▶ _RECORDED INFORMATION_:
*-*-*
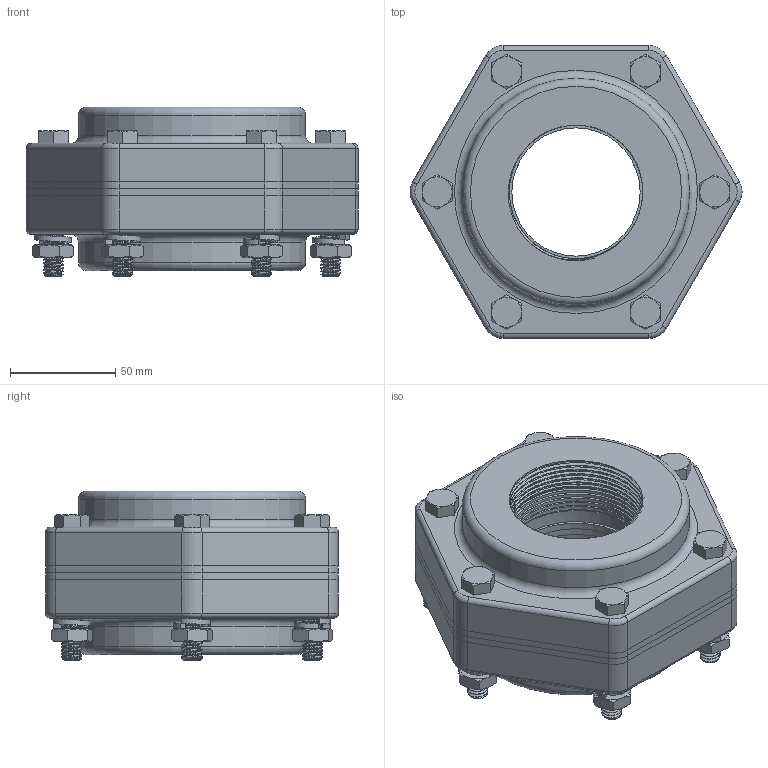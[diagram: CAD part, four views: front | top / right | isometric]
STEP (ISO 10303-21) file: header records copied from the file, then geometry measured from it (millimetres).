
FILE_DESCRIPTION(/* description */ ('Alibre Inc.'),/* implementation_level */ '2;1');
FILE_NAME(/* name */ 'export0',/* time_stamp */ '2017-09-11T10:27:30-04:00',/* author */ (''),/* organization */ (''),/* preprocessor_version */ 'ST-DEVELOPER v14',/* originating_system */ 'Alibre',/* authorisation */ '');
FILE_SCHEMA (('CONFIG_CONTROL_DESIGN'));
Length unit declared in the file: inch
Products named in the file (6): ID_1; ID_2; ID_3; ID_4
Bounding box: 157.78 x 139.19 x 80.78 mm (x, y, z)
Volume: 811300.9 mm3; surface area: 192463.9 mm2
Topology: 22 solids, 22 shells, 776 faces, 1984 edges, 1260 vertices
Faces by surface type: cylinder 366, cone 196, plane 150, bspline 48, torus 16
Full cylindrical faces by diameter (mm): 7.874 x12, 10.16 x12, 60.96 x2, 63.5 x24, 107.95 x2
Entity records: 30909 total; most frequent: CARTESIAN_POINT 26081, ORIENTED_EDGE 830, DIRECTION 729, EDGE_CURVE 415, AXIS2_PLACEMENT_3D 323, VERTEX_POINT 274, EDGE_LOOP 219, FACE_BOUND 219
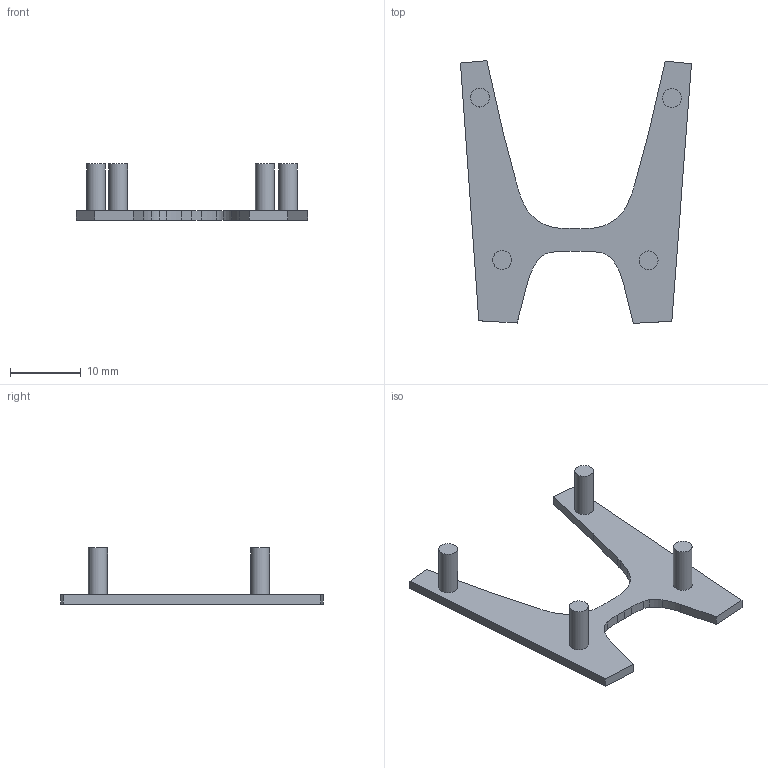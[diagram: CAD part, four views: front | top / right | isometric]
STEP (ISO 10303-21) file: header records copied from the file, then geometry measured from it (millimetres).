
FILE_DESCRIPTION(/* description */ (''),/* implementation_level */ '2;1');
FILE_NAME(/* name */ 'Inside.step',/* time_stamp */ '2024-05-20T23:39:27+02:00',/* author */ (''),/* organization */ (''),/* preprocessor_version */ 'ST-DEVELOPER v20',/* originating_system */ 'Autodesk Translation Framework v12.20.1.177',/* authorisation */ '');
FILE_SCHEMA (('AUTOMOTIVE_DESIGN { 1 0 10303 214 3 1 1 }'));
Length unit declared in the file: millimetre
Products named in the file (1): Hondaemblem
Bounding box: 32.7 x 37.18 x 7.96 mm (x, y, z)
Volume: 838.3 mm3; surface area: 1504.4 mm2
Topology: 1 solids, 1 shells, 42 faces, 108 edges, 72 vertices
Faces by surface type: plane 24, cylinder 18
Full cylindrical faces by diameter (mm): 2.652 x4
Entity records: 1328 total; most frequent: DIRECTION 230, CARTESIAN_POINT 223, ORIENTED_EDGE 216, EDGE_CURVE 108, AXIS2_PLACEMENT_3D 79, LINE 72, VECTOR 72, VERTEX_POINT 72
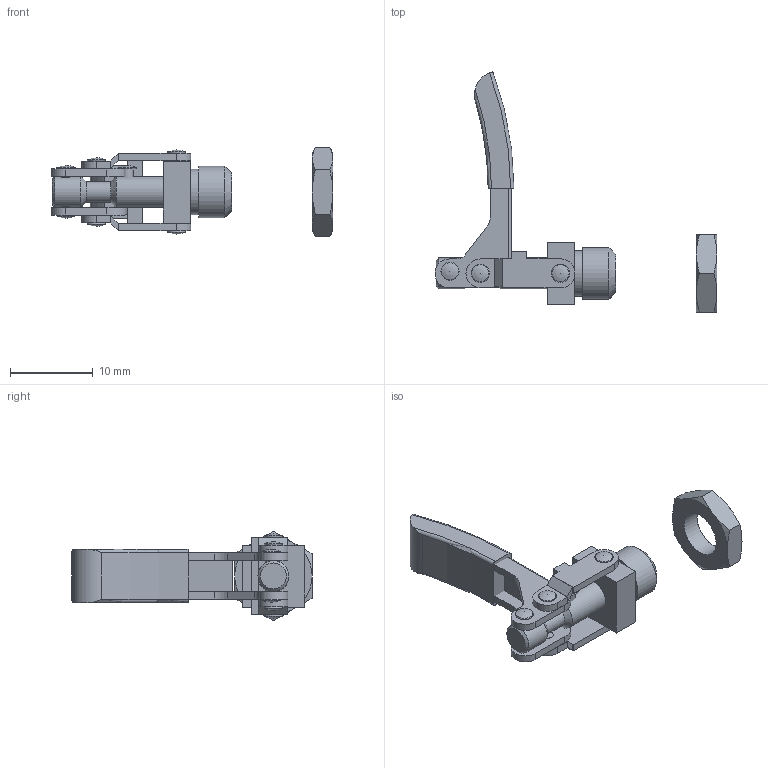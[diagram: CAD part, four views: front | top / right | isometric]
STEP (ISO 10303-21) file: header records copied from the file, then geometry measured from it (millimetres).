
FILE_DESCRIPTION((' '),'2;1');
FILE_NAME('C:\Users\Nick\Desktop\PHL Sereis\PHL-253\3D\phl-253 Open.stp','2015-07-24T14:37:33',(' '),(' '),' ','ACIS',' ');
FILE_SCHEMA(('CONFIG_CONTROL_DESIGN'));
Length unit declared in the file: inch
Products named in the file (19): C:\Users\Nick\Desktop\PHL Sereis\PHL-253\3D\phl-253 Open.stp; Body1; Body2; Body3; Body4; Body5; Body6; Body7; Body8; Body9; Body10; Body11; Body12; Body13; Body14; Body15; Body16; Body17; Body18
Assembly tree (18 placements, depth 2):
  C:\Users\Nick\Desktop\PHL Sereis\PHL-253\3D\phl-253 Open.stp
    Body1
    Body2
    Body3
    Body4
    Body5
    Body6
    Body7
    Body8
    Body9
    Body10
    Body11
    Body12
    Body13
    Body14
    Body15
    Body16
    Body17
    Body18
Bounding box: 34.15 x 29.1 x 10.83 mm (x, y, z)
Volume: 1151.5 mm3; surface area: 2290.2 mm2
Topology: 18 solids, 18 shells, 178 faces, 401 edges, 259 vertices
Faces by surface type: plane 90, cylinder 49, cone 19, torus 13, sphere 7
Full cylindrical faces by diameter (mm): 1.34 x2, 1.39 x4, 1.42 x7, 1.44 x4, 1.47 x1, 2.01 x1, 2.5 x1, 3.75 x2, 3.76 x2, 5.5 x1, 5.517 x1, 6.25 x1
Entity records: 7501 total; most frequent: CARTESIAN_POINT 1040, DIRECTION 863, ORIENTED_EDGE 666, AXIS2_PLACEMENT_3D 351, EDGE_CURVE 333, EDGE_LOOP 255, VERTEX_POINT 240, PERSON 188
*-*-*
Only the number is wanted: how many lines in the listing contain the word "DIRECTION"?

3